Required action: In the records below, find each line holding the word "Clad" and copy it.
────────────────────
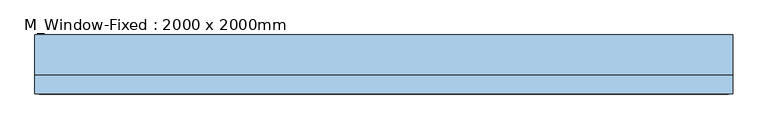
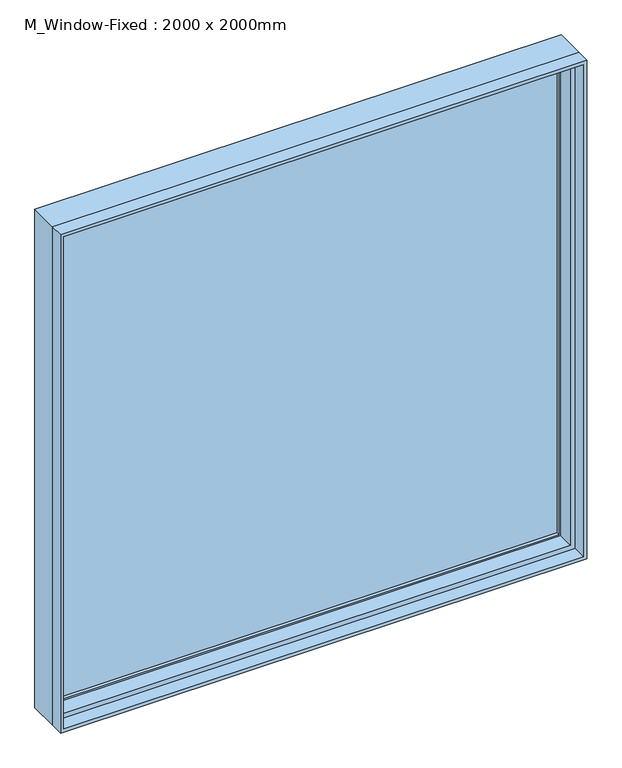
"""IFC4 building model written with IfcOpenShell, lengths in millimetres: window geometry, M_Window-Fixed : 2000 x 2000mm."""

from ifc_helpers import new_model, si_unit, frame, origin, place, context, project, spatial, polyline, outline, extrude, faceted_brep, source, transform, mapped, element, save


def m_window_fixed_2000_x_2000mm_1dfd0f54(model_context):
    return source(origin(), model_context, "Body", "SolidModel", [
        faceted_brep([(1000.0, -20.25, 2900.0), (1000.0, 94.05, 2900.0), (-1000.0, 94.05, 2900.0), (-1000.0, -20.25, 2900.0), (-1000.0, 94.05, 900.0), (-1000.0, -20.25, 900.0), (1000.0, 94.05, 900.0), (1000.0, -20.25, 900.0), (968.25, -20.25, 2868.25), (968.25, -20.25, 931.75), (-968.25, -20.25, 931.75), (-968.25, -20.25, 2868.25), (-987.3, 94.05, 2887.3), (-987.3, 94.05, 912.7), (987.3, 94.05, 912.7), (987.3, 94.05, 2887.3), (968.25, 43.25, 2868.25), (-968.25, 43.25, 2868.25), (987.3, 43.25, 2887.3), (-987.3, 43.25, 2887.3), (-968.25, 43.25, 931.75), (-987.3, 43.25, 912.7), (968.25, 43.25, 931.75), (987.3, 43.25, 912.7)], [[[0, 1, 2, 3]], [[3, 2, 4, 5]], [[5, 4, 6, 7]], [[3, 5, 7, 0], [8, 9, 10, 11]], [[7, 6, 1, 0]], [[1, 6, 4, 2], [12, 13, 14, 15]], [[16, 8, 11, 17]], [[15, 18, 19, 12]], [[17, 11, 10, 20]], [[12, 19, 21, 13]], [[20, 10, 9, 22]], [[13, 21, 23, 14]], [[22, 9, 8, 16]], [[18, 23, 21, 19], [17, 20, 22, 16]], [[14, 23, 18, 15]]]),
        extrude(outline(polyline([(2900.0, -1000.0), (900.0, -1000.0), (900.0, 1000.0), (2900.0, 1000.0), (2900.0, -1000.0)]), holes=[polyline([(2887.3, 987.3), (912.7, 987.3), (912.7, -987.3), (2887.3, -987.3), (2887.3, 987.3)])]), frame((0.0, -75.0, 0.0), z_axis=(0.0, 1.0, 0.0), x_axis=(0.0, 0.0, 1.0)), (0.0, 0.0, 1.0), 54.75),
        extrude(outline(polyline([(912.7, 987.3), (2887.3, 987.3), (2887.3, -987.3), (912.7, -987.3), (912.7, 987.3)]), holes=[polyline([(938.1, -961.9), (2861.9, -961.9), (2861.9, 961.9), (938.1, 961.9), (938.1, -961.9)])]), frame((0.0, 43.25, 0.0), z_axis=(0.0, 1.0, 0.0), x_axis=(0.0, 0.0, 1.0)), (0.0, 0.0, 1.0), 44.45),
        extrude(outline(polyline([(961.9, 75.0), (961.9, 68.65), (-961.9, 68.65), (-961.9, 75.0), (961.9, 75.0)])), frame((0.0, 0.0, 938.1), z_axis=(0.0, 0.0, 1.0), x_axis=(1.0, 0.0, 0.0)), (0.0, 0.0, 1.0), 1923.8),
        extrude(outline(polyline([(-961.9, 55.95), (-961.9, 62.3), (961.9, 62.3), (961.9, 55.95), (-961.9, 55.95)])), frame((0.0, 0.0, 938.1), z_axis=(0.0, 0.0, 1.0), x_axis=(1.0, 0.0, 0.0)), (0.0, 0.0, 1.0), 1923.8),
    ])


if __name__ == "__main__":
    model = new_model("IFC4")
    model_context = context("Model", 3, world=origin())
    ifc_project = project(units=[si_unit("LENGTHUNIT", "METRE", prefix="MILLI")], contexts=[model_context])
    site = spatial("IfcSite", under=ifc_project)
    building = spatial("IfcBuilding", under=site)
    placement = place(None, origin())
    m_window_fixed_2000_x_2000mm_shape = m_window_fixed_2000_x_2000mm_1dfd0f54(model_context)
    element("IfcWindow", 1, ObjectType="M_Window-Fixed : 2000 x 2000mm", at=placement, inside=building, context=model_context, shape_type="MappedRepresentation", body=[
        mapped(m_window_fixed_2000_x_2000mm_shape, transform((0.0, 0.0, 0.0), x_axis=(1.0, 0.0, 0.0), y_axis=(0.0, 1.0, 0.0), z_axis=(0.0, 0.0, 1.0))),
    ])
    save(model, "model.ifc")

# Revit data of these elements
# Type "M_Window-Fixed : 2000 x 2000mm"
#   Type Mark = "40"
#   Fire Rating = "0.5h"
#   Assembly Code = "B2020100"
#   Analytic Construction = "Double glazing - domestic"
#   Window Inset [instance default] = 0 mm
#   Wall Thickness [instance default] = 150 mm
#   Visual Light Transmittance = 0.81
#   Thermal Resistance (R) = 0.319569 (m²·K)/W
#   Solar Heat Gain Coefficient = 0.76
#   Rough Width = 2015 mm
#   Rough Height = 2015 mm
#   Interior Wall Closure [instance default] = 54.75 mm
#   Height = 2000 mm
#   Heat Transfer Coefficient (U) = 3.12929 W/(m²·K)
#   Frame Extension [instance default] = 6.35 mm
#   Exterior Wall Closure [instance default] = 31.75 mm
#   Extension Jamb [instance default] = 54.75 mm
#   Default Sill Height = 900 mm
#   Width = 2000 mm
#   Muntin Visibility = yes
#   Interior Trim Visibility [instance default] = yes
#   Exterior Trim Visibility [instance default] = yes
#   Extension Jamb Visibility [instance default] = yes
#   Muntin Pattern = M_Muntin Pattern_2x2 : M_Muntin Pattern_2x2
#   Interior Trim Material = Wood - Stained
#   Interior Trim = M_Trim-Window-Interior-Flat : Picture Frame
#   Interior Frame Material = Wood - Stained
#   Glass Panel Material = Glass
#   Exterior Trim Material = Clad - White
#   Exterior Trim = M_Trim-Window-Exterior-Flat : with Sill
#   Exterior Frame Material = Clad - White
#   Wall Closure = (empty or 0)
# Element 1 (IfcWindow, "M_Window-Fixed : 2000 x 2000mm")
#   Materials on its faces: "Wood - Stained", "Glass", "Clad - White"
# Materials
#   "Wood - Stained": class "Wood", colour RGB 173 132 96, transparency 0, Cost = 0
#   "Glass": class "Glass", colour RGB 245 245 243, transparency 1, Description = "Soda Lime Glass", Cost = 0
#   "Clad - White": class "Wood", colour RGB 245 245 243, transparency 0, Cost = 0
────────────────────
The answer:
#   Exterior Trim Material = Clad - White
#   Exterior Frame Material = Clad - White
#   Materials on its faces: "Wood - Stained", "Glass", "Clad - White"
#   "Clad - White": class "Wood", colour RGB 245 245 243, transparency 0, Cost = 0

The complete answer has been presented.